General Secretary of the National Democratic Party
- In office 1995 – 1996
- Preceded by: P. K. Narayana Panicker
- Succeeded by: Office abolished

Personal details
- Born: 18 April 1941 (age 85) Changanassery, Kingdom of Travancore, British India (present day Kottayam, Kerala, India)
- Spouse: K. Kumaridevi ​(death 2019)​
- Children: 4
- Occupation: Community leader

= G. Sukumaran Nair =

Indian community leader and politician

Gopurathinkal Sukumaran Nair (born 18 April 1941) is the current and 10th General Secretary of the Nair Service Society since 25 June 2011. Nair was the Assistant Secretary of the organisation for 10 years before elected as the General Secretary.

==Personal life==
His wife K. Kumaridevi died on 26 March 2019 at the age of 75 and they have two daughters and two sons.

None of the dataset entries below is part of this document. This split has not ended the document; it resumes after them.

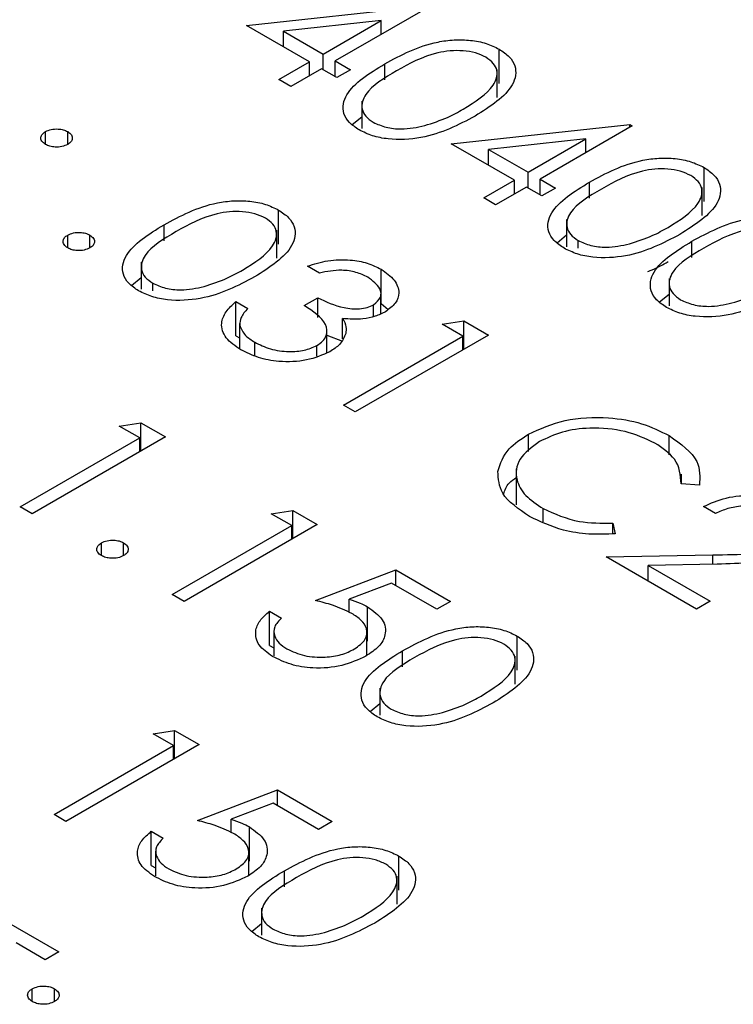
# Model space of a CAD drawing. Header units: inches. Extents: x 1880 to 2363, y -453 to -54.
# Tile 275 of 656: x 2069.403 to 2069.744, y -424.317 to -423.847. Entities that reach past the tile are written whole.
import ezdxf

# ---------------------------------------------------------------- set-up
doc = ezdxf.new("R2010")
doc.units = ezdxf.units.IN
doc.header["$LTSCALE"] = 0.5
doc.header["$MEASUREMENT"] = 0
doc.layers.add('DSS-M-S', color=53, linetype='Continuous')

msp = doc.modelspace()

# ---------------------------------------------------------------- linework, layer by layer
at = {"layer": 'DSS-M-S', "linetype": 'Continuous', "lineweight": 25}
for p, q in [((2069.5111, -423.84934), (2069.59643, -423.8402)), ((2069.59759, -423.84087), (2069.55353, -423.8663)), ((2069.57546, -423.84705), (2069.52885, -423.85205)), ((2069.54782, -423.863), (2069.57546, -423.84705)), ((2069.57546, -423.85364), (2069.57546, -423.84705)), ((2069.54129, -423.86677), (2069.5111, -423.84934)), ((2069.52885, -423.85205), (2069.54782, -423.863)), ((2069.52885, -423.85959), (2069.52885, -423.85205)), ((2069.63192, -423.87702), (2069.63192, -423.86068)), ((2069.54782, -423.87054), (2069.54782, -423.863)), ((2069.52661, -423.87525), (2069.54129, -423.86677)), ((2069.547, -423.87007), (2069.53232, -423.87855)), ((2069.54129, -423.87336), (2069.54129, -423.86677)), ((2069.55435, -423.87431), (2069.547, -423.87007)), ((2069.55353, -423.8663), (2069.56087, -423.87054)), ((2069.55353, -423.87384), (2069.55353, -423.8663)), ((2069.56087, -423.87054), (2069.55435, -423.87431)), ((2069.57717, -423.87542), (2069.57717, -423.86773)), ((2069.63101, -423.88372), (2069.63101, -423.87035)), ((2069.53232, -423.87855), (2069.52661, -423.87525)), ((2069.56624, -423.88557), (2069.56624, -423.89857)), ((2069.56166, -423.89672), (2069.56624, -423.89298)), ((2069.60901, -423.90586), (2069.69434, -423.89672)), ((2069.6955, -423.89739), (2069.65144, -423.92282)), ((2069.69434, -423.89672), (2069.6955, -423.89739)), ((2069.69434, -423.89806), (2069.69434, -423.89672)), ((2069.41503, -423.90622), (2069.41503, -423.90009)), ((2069.42564, -423.90622), (2069.42564, -423.90009)), ((2069.67336, -423.90357), (2069.62676, -423.90857)), ((2069.64573, -423.91952), (2069.67336, -423.90357)), ((2069.67336, -423.91016), (2069.67336, -423.90357)), ((2069.6392, -423.92329), (2069.60901, -423.90586)), ((2069.62676, -423.91611), (2069.62676, -423.90857)), ((2069.62676, -423.90857), (2069.64573, -423.91952)), ((2069.72983, -423.93354), (2069.72983, -423.91721)), ((2069.64573, -423.92706), (2069.64573, -423.91952)), ((2069.62451, -423.93177), (2069.6392, -423.92329)), ((2069.64491, -423.92659), (2069.63022, -423.93507)), ((2069.6392, -423.92989), (2069.6392, -423.92329)), ((2069.65225, -423.93083), (2069.64491, -423.92659)), ((2069.65144, -423.92282), (2069.65878, -423.92706)), ((2069.65144, -423.93036), (2069.65144, -423.92282)), ((2069.65878, -423.92706), (2069.65225, -423.93083)), ((2069.67507, -423.93194), (2069.67507, -423.92425)), ((2069.72892, -423.94024), (2069.72892, -423.92687)), ((2069.63022, -423.93507), (2069.62451, -423.93177)), ((2069.52647, -423.95391), (2069.52647, -423.93758)), ((2069.47171, -423.95231), (2069.47171, -423.94462)), ((2069.66415, -423.94209), (2069.66415, -423.95509)), ((2069.42564, -423.95567), (2069.42564, -423.94955)), ((2069.43625, -423.95567), (2069.43625, -423.94955)), ((2069.52555, -423.96061), (2069.52555, -423.94724)), ((2069.65957, -423.95324), (2069.66415, -423.9495)), ((2069.66964, -423.95587), (2069.66964, -423.95217)), ((2069.72403, -423.9602), (2069.72403, -423.95251)), ((2069.46078, -423.96246), (2069.46078, -423.97546)), ((2069.54598, -423.96768), (2069.54027, -423.96439)), ((2069.57553, -423.98223), (2069.57553, -423.9659)), ((2069.45621, -423.97361), (2069.46078, -423.96987)), ((2069.46628, -423.97624), (2069.46628, -423.97254)), ((2069.7131, -423.97035), (2069.7131, -423.98335)), ((2069.57538, -423.98715), (2069.57538, -423.97781)), ((2069.70853, -423.9815), (2069.7131, -423.97776)), ((2069.506, -423.98134), (2069.51172, -423.98464)), ((2069.506, -423.99767), (2069.506, -423.98134)), ((2069.53864, -423.98323), (2069.54517, -423.97946)), ((2069.54517, -423.98897), (2069.54517, -423.97946)), ((2069.5719, -423.98852), (2069.5719, -423.98287)), ((2069.57553, -423.98223), (2069.57886, -423.98505)), ((2069.50784, -423.99175), (2069.50784, -424.00391)), ((2069.5079, -424.00397), (2069.5079, -423.9926)), ((2069.55706, -423.99916), (2069.55706, -423.98945)), ((2069.60473, -423.99218), (2069.61499, -423.99056)), ((2069.61452, -423.99783), (2069.60473, -423.99218)), ((2069.61499, -423.99056), (2069.62676, -423.99736)), ((2069.61499, -424.00415), (2069.61499, -423.99056)), ((2069.506, -423.99767), (2069.50784, -423.99873)), ((2069.54959, -424.00578), (2069.54959, -423.99517)), ((2069.54959, -423.99745), (2069.55706, -424.00026)), ((2069.55741, -424.0308), (2069.61452, -423.99783)), ((2069.62676, -423.99736), (2069.56312, -424.0341)), ((2069.61452, -424.00442), (2069.61452, -423.99783)), ((2069.51509, -424.00729), (2069.51509, -424.00072)), ((2069.54476, -424.00748), (2069.54476, -424.0023)), ((2069.56312, -424.0341), (2069.55741, -424.0308)), ((2069.45032, -424.04081), (2069.46058, -424.0392)), ((2069.46058, -424.0392), (2069.47235, -424.04599)), ((2069.46058, -424.05278), (2069.46058, -424.0392)), ((2069.46011, -424.04646), (2069.45032, -424.04081)), ((2069.64589, -424.05305), (2069.64589, -424.04471)), ((2069.403, -424.07943), (2069.46011, -424.04646)), ((2069.47235, -424.04599), (2069.40871, -424.08273)), ((2069.46011, -424.05305), (2069.46011, -424.04646)), ((2069.71322, -424.05463), (2069.71322, -424.04538)), ((2069.64009, -424.06128), (2069.64009, -424.07853)), ((2069.71908, -424.06844), (2069.71908, -424.06386)), ((2069.72767, -424.0691), (2069.71885, -424.06842)), ((2069.40871, -424.08273), (2069.403, -424.07943)), ((2069.52293, -424.08273), (2069.5332, -424.08111)), ((2069.5332, -424.08111), (2069.54496, -424.08791)), ((2069.5332, -424.0947), (2069.5332, -424.08111)), ((2069.65288, -424.08663), (2069.65288, -424.08026)), ((2069.73527, -424.08261), (2069.72956, -424.07931)), ((2069.53272, -424.08838), (2069.52293, -424.08273)), ((2069.47561, -424.12135), (2069.53272, -424.08838)), ((2069.54496, -424.08791), (2069.48132, -424.12465)), ((2069.53272, -424.09497), (2069.53272, -424.08838)), ((2069.68621, -424.08726), (2069.68743, -424.09233)), ((2069.68621, -424.09234), (2069.68621, -424.08726)), ((2069.44175, -424.10274), (2069.44175, -424.09662)), ((2069.45236, -424.10274), (2069.45236, -424.09662)), ((2069.68305, -424.10333), (2069.73407, -424.10238)), ((2069.7263, -424.1283), (2069.68305, -424.10333)), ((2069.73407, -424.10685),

His daughter Dr. S. Sujatha was the principal of the NSS Hindu College, Changanassery and a member of the Mahatma Gandhi University Syndicate before her resignation on 28 May 2013.
== Career ==
He began his career with the NSS as a clerk in 1962 and subsequently held posts as an administrative officer, assistant Secretary, Secretary and then General Secretary. He has been elected as the General Secretary of the NSS for five consecutive times.

He has been a strong proponent of the equidistance policy towards political parties and a strong opponent of the caste census which he claims will only exacerbate corruption under the guise of reservation and to appease vote banks.